→ The problem:
Only an exact copy of the lines beginning at the one that contains "#4315 = ORIENTED_EDGE" and ending at the last line of the records below counts as the answer.
====
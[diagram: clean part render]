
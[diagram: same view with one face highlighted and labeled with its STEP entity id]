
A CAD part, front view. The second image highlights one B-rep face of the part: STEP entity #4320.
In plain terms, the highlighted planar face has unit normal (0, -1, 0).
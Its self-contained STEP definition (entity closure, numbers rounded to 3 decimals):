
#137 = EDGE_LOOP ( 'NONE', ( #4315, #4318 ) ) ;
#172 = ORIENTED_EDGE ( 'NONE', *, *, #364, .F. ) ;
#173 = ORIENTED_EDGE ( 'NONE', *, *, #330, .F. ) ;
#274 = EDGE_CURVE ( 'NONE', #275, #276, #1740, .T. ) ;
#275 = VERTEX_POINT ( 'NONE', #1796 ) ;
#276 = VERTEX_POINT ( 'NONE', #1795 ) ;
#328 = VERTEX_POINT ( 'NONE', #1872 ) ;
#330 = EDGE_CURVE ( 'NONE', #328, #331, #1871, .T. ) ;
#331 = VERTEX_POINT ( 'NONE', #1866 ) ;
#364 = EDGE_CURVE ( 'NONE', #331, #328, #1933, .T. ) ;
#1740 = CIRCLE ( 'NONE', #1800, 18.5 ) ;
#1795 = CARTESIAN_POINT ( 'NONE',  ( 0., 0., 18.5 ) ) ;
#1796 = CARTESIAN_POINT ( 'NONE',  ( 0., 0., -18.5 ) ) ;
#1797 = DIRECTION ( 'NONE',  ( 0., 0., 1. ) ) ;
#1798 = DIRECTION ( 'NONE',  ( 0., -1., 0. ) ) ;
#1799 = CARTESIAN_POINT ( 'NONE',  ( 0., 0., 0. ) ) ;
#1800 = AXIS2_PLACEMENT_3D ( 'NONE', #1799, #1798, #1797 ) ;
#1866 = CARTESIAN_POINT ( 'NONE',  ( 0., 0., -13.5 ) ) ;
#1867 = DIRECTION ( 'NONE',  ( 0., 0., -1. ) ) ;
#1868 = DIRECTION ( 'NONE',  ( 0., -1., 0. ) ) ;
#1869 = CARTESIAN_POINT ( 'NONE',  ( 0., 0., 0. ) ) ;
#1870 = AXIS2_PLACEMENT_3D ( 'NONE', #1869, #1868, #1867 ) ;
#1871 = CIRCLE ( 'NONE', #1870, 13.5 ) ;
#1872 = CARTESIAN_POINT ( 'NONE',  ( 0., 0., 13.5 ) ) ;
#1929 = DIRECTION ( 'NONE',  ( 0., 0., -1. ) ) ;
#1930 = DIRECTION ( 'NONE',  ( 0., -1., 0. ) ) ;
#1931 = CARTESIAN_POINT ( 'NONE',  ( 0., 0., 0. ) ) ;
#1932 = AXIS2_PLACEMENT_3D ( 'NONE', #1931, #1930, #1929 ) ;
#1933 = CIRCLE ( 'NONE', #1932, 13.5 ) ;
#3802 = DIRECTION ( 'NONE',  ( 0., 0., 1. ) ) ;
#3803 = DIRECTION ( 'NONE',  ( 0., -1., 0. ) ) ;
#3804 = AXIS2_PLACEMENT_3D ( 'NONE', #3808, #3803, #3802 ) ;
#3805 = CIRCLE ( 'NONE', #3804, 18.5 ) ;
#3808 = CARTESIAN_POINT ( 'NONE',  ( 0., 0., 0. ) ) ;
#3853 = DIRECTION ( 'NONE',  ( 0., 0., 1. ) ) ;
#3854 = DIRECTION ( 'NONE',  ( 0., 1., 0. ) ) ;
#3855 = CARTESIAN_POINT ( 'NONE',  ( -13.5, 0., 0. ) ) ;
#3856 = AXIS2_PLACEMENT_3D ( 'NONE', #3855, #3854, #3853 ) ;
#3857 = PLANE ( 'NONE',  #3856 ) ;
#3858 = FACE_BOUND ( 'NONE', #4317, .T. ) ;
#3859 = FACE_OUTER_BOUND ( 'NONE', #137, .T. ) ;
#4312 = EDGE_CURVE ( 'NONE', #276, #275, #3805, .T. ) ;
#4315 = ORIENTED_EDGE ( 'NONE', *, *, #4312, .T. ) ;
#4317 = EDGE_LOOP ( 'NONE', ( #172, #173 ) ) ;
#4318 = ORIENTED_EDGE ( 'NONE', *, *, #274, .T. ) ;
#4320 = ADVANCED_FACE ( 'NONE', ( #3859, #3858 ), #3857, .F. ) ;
====
→ Task solution:
#4315 = ORIENTED_EDGE ( 'NONE', *, *, #4312, .T. ) ;
#4317 = EDGE_LOOP ( 'NONE', ( #172, #173 ) ) ;
#4318 = ORIENTED_EDGE ( 'NONE', *, *, #274, .T. ) ;
#4320 = ADVANCED_FACE ( 'NONE', ( #3859, #3858 ), #3857, .F. ) ;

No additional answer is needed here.